Thank you. I think I will spend the rest of the days familiarize with the reference material.  Found a mistake on the NCEES reference manual. Gonna post it here. If anyone is taking the exam recently, keep this in mind. I contacted Ncees, but didn't really get a confirmation other than they will look at it. 

It's on page 293, STEAM TABLES.
At temperature 64 F, the saturation pressure should be around 0.295 psi instead of 0.36 psi given on the reference table. Since this is the only reference allowed for the new CBT exam, If we use the wrong data, we will get a wrong answer.


----------



## Jorge T (Sep 14, 2020)

Good afternoon Lim,

Is there any way you could help me out with problem 80 from the NCEES practice exam? It pertains to acoustical control throughout a ductwork.

Thank you.


----------



## Lim (Sep 14, 2020)

Jorge T said:


> Good afternoon Lim,
> 
> Is there any way you could help me out with problem 80 from the NCEES practice exam? It pertains to acoustical control throughout a ductwork.
> 
> Thank you.


I had the same problem. Seems like we need some data on the noise control liner material. And I looked up on the Internet, different material really has very different properties. Also, there isn't any reference data on Ncees reference manual. So I came up with this solution, If we really come cross this question during exam. 

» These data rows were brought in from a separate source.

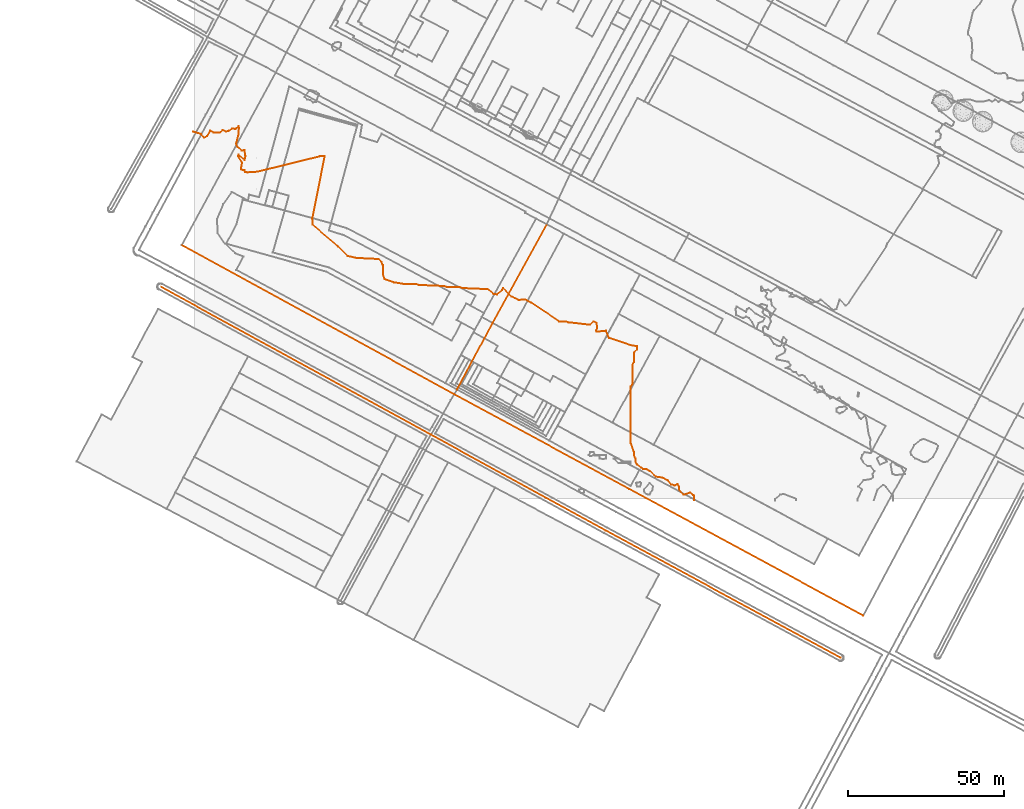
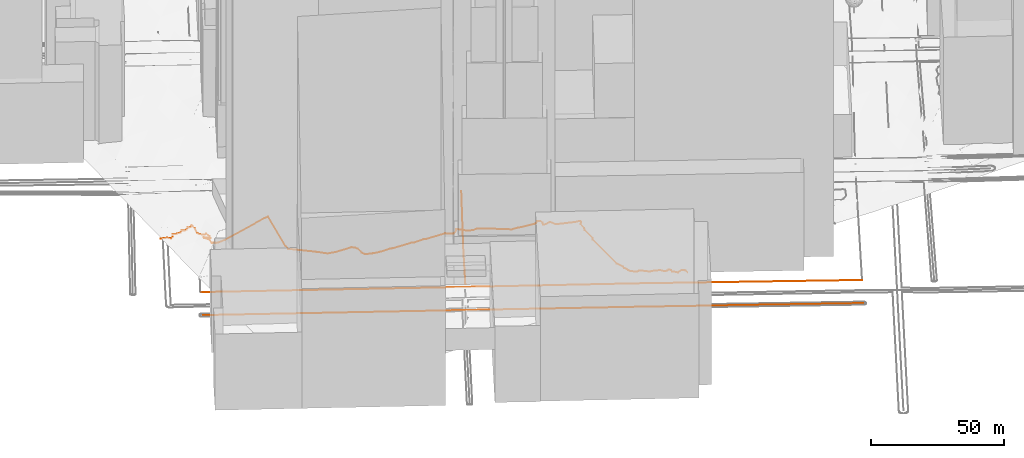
# Not in any storey, part 51 of 80: 3 civil elements, 1 geographic element.
"""IFC4 model written with IfcOpenShell, lengths in metres."""

from ifc_helpers import new_model, entity, si_unit, frame, origin_with_axes, place, context, subcontext, project, spatial, element, save


model = new_model("IFC4")

# Units and contexts
model_context = context("Model", 3, precision=1e-05, world=origin_with_axes())
body_context = subcontext(model_context, "Body", "Model", "MODEL_VIEW")
ifc_project = project(units=[si_unit("AREAUNIT", "SQUARE_METRE"), si_unit("LENGTHUNIT", "METRE")], contexts=[model_context])

# Sites
site_1_placement = place(None, origin_with_axes())
site_1 = spatial("IfcSite", under=ifc_project, at=site_1_placement, Name="Topoexport Site")
site_2_placement = place(site_1_placement, origin_with_axes())
site_2 = spatial("IfcSite", under=site_1, at=site_2_placement, Name="TPX_ROUTES")

# Civil elements
civil_element_1_placement = place(site_2_placement, frame((-3.9679061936, 81.5333067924, 18.7696583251), z_axis=(0.0, 0.0, 1.0), x_axis=(1.0, 0.0, 0.0)))
element("IfcCivilElement", 1, at=civil_element_1_placement, inside=site_2, Name="Route 54", ObjectType="ROAD", context=body_context, shape_type="GeometricCurveSet", body=[
    entity("IfcGeometricCurveSet", [entity("IfcIndexedPolyCurve", entity("IfcCartesianPointList3D", [[0.0, 0.0, 0.0], [87.4628549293, -47.9125309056, 0.8122680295], [143.5901452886, -78.3024847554, 1.2194117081], [218.7889416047, -118.9507915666, 1.1084000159]]))]),
])
civil_element_2_placement = place(site_2_placement, frame((84.3719871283, 35.1519677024, 19.5977278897), z_axis=(0.0, 0.0, 1.0), x_axis=(1.0, 0.0, 0.0)))
element("IfcCivilElement", 2, at=civil_element_2_placement, inside=site_2, Name="Route 118", ObjectType="ROAD", context=body_context, shape_type="GeometricCurveSet", body=[
    entity("IfcGeometricCurveSet", [entity("IfcIndexedPolyCurve", entity("IfcCartesianPointList3D", [[28.7956528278, 52.959085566, 1.1372752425], [11.4182103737, 21.371195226, 0.1774906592], [0.0, 0.0, 0.0]]))]),
])
civil_element_3_placement = place(site_2_placement, frame((-10.8279564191, 68.1754489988, 18.6991640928), z_axis=(0.0, 0.0, 1.0), x_axis=(1.0, 0.0, 0.0)))
element("IfcCivilElement", 3, at=civil_element_3_placement, inside=site_2, Name="Route 122", ObjectType="ROAD", context=body_context, shape_type="GeometricCurveSet", body=[
    entity("IfcGeometricCurveSet", [entity("IfcIndexedPolyCurve", entity("IfcCartesianPointList3D", [[0.0, 0.0, 0.0], [86.8341082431, -47.553539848, 0.7758298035], [142.9314404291, -78.2658649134, 1.2513010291], [218.3356117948, -119.1450089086, 1.3170135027]]))]),
])

# Site
site_3_placement = place(site_1_placement, origin_with_axes())
site_3 = spatial("IfcSite", under=site_1, at=site_3_placement, Name="TPX_CONTOURS")

# Geographic element
geographic_element_placement = place(site_3_placement, frame((-0.3084972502, 117.9198558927, 20.0), z_axis=(0.0, 0.0, 1.0), x_axis=(1.0, 0.0, 0.0)))
element("IfcGeographicElement", 4, at=geographic_element_placement, inside=site_3, Name="Contour 20.0 m", PredefinedType="NOTDEFINED", context=body_context, shape_type="GeometricCurveSet", body=[
    entity("IfcGeometricCurveSet", [entity("IfcIndexedPolyCurve", entity("IfcCartesianPointList3D", [[160.7501430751, -118.3751445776, 0.0], [160.7501013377, -116.8751445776, 0.0], [160.5, -116.5893018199, 0.0], [159.5, -115.8750597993, 0.0], [157.5, -116.5414509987, 0.0], [156.000262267, -114.8751445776, 0.0], [156.0000476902, -113.8751445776, 0.0], [155.5, -113.1251207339, 0.0], [154.5, -113.5416734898, 0.0], [153.5, -113.2081282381, 0.0], [152.5, -111.974984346, 0.0], [150.5, -111.0416787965, 0.0], [148.5, -110.7321317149, 0.0], [146.5002179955, -108.8751445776, 0.0], [145.5, -108.3036420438, 0.0], [144.5, -108.3035602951, 0.0], [143.7502622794, -107.8751445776, 0.0], [142.5002860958, -106.8751445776, 0.0], [141.9999976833, -105.8751445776, 0.0], [141.9999976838, -104.8751445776, 0.0], [141.5001907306, -103.8751445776, 0.0], [141.5000635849, -102.8751445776, 0.0], [140.5002860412, -99.8751445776, 0.0], [140.5001907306, -81.8751445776, 0.0], [140.9999976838, -80.8751445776, 0.0], [141.0000953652, -74.8751445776, 0.0], [141.4999000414, -73.8751445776, 0.0], [141.5000953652, -70.8751445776, 0.0], [142.4998093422, -69.8751445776, 0.0], [142.5001906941, -68.8751445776, 0.0], [140.5, -68.5416628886, 0.0], [133.5, -66.208244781, 0.0], [132.5, -63.8752445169, 0.0], [129.5, -64.2081176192, 0.0], [129.3572830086, -63.8751445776, 0.0], [129.7000686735, -62.8751445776, 0.0], [129.5, -61.3750015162, 0.0], [128.5, -60.8752399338, 0.0], [127.5, -61.8749538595, 0.0], [126.5, -61.8750174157, 0.0], [120.5, -61.2083083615, 0.0], [119.5, -60.8750809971, 0.0], [117.5, -60.8747631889, 0.0], [108.5003814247, -54.8751445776, 0.0], [106.5, -53.8750301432, 0.0], [104.5, -53.9999657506, 0.0], [102.1670481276, -52.8751445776, 0.0], [99.5, -50.1252935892, 0.0], [99.1470383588, -50.8751445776, 0.0], [97.5, -52.2321589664, 0.0], [96.5, -52.0749309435, 0.0], [94.5, -50.54172647, 0.0], [86.5, -50.2083083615, 0.0], [85.5, -49.8750809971, 0.0], [81.5, -49.8748585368, 0.0], [80.5, -49.54172647, 0.0], [72.5, -49.2083083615, 0.0], [71.5, -48.8750809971, 0.0], [67.5, -48.8748585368, 0.0], [64.5, -48.3749061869, 0.0], [61.5, -47.3748107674, 0.0], [61.0001271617, -45.8751445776, 0.0], [60.9000915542, -42.8751445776, 0.0], [60.5, -41.8748584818, 0.0], [59.5001907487, -40.8751445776, 0.0], [52.5, -40.5416417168, 0.0], [49.5, -39.8748902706, 0.0], [46.5, -36.8749538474, 0.0], [38.3002441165, -29.8751445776, 0.0], [38.2501033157, -27.8751445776, 0.0], [42.227293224, -7.8751445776, 0.0], [40.7727193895, -7.8751445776, 0.0], [20.5, -12.842240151, 0.0], [17.5, -13.0464224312, 0.0], [16.6429895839, -12.8751445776, 0.0], [16.5, -12.375049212, 0.0], [15.5, -12.2081599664, 0.0], [15.3335187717, -11.8751445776, 0.0], [15.7002059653, -9.8751445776, 0.0], [14.4168163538, -7.8751445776, 0.0], [14.5, -7.3757172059, 0.0], [16.5, -9.0749843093, 0.0], [16.7631452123, -7.8751445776, 0.0], [16.5, -5.8750492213, 0.0], [15.5, -6.0416575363, 0.0], [14.3002136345, -4.8751445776, 0.0], [13.7728644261, -3.8751445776, 0.0], [14.5000635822, -0.8751445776, 0.0], [14.6999580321, 1.1248554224, 0.0], [14.5, 1.7913949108, 0.0], [13.9999522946, 1.1248554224, 0.0], [13.5, 0.9027415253, 0.0], [12.5, 1.0339542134, 0.0], [11.5, 0.2915724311, 0.0], [10.5, 0.0139020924, 0.0], [9.5, 0.5533918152, 0.0], [8.5, -0.275068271, 0.0], [6.5, -0.2082236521, 0.0], [5.5, 0.3748077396, 0.0], [4.5, -1.3751468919, 0.0], [3.5, -1.8749776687, 0.0], [2.5, -0.7321901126, 0.0], [0.0, 0.0, 0.0]]))]),
])

save(model, "model.ifc")

Just remember at 1000 hz it has the highest noise reduction, about 2.3 dB/ft 

So for this specific  problem, at 1000 hz, it goes down to 96-23=73. And towards 2 directions of frequency the per foot reductions are all less than 2.3. Option C matches the pattern.

Just memorize 2 numbers. 2.3 dB/ft and 1000 hz. Without reference, I think this is the best  we can do.

Since we are talking about noise control, there is another formula I memorized. 

Experienced sound level.

Say there is a printer in an office, giving out 100 dB noise, frequency is 1000 hz . You sit 25 feet from it. Room volume is 250 cft. What noise level down you experience?

I don't think I could find the formula on the reference manual. But any way, this is the formula.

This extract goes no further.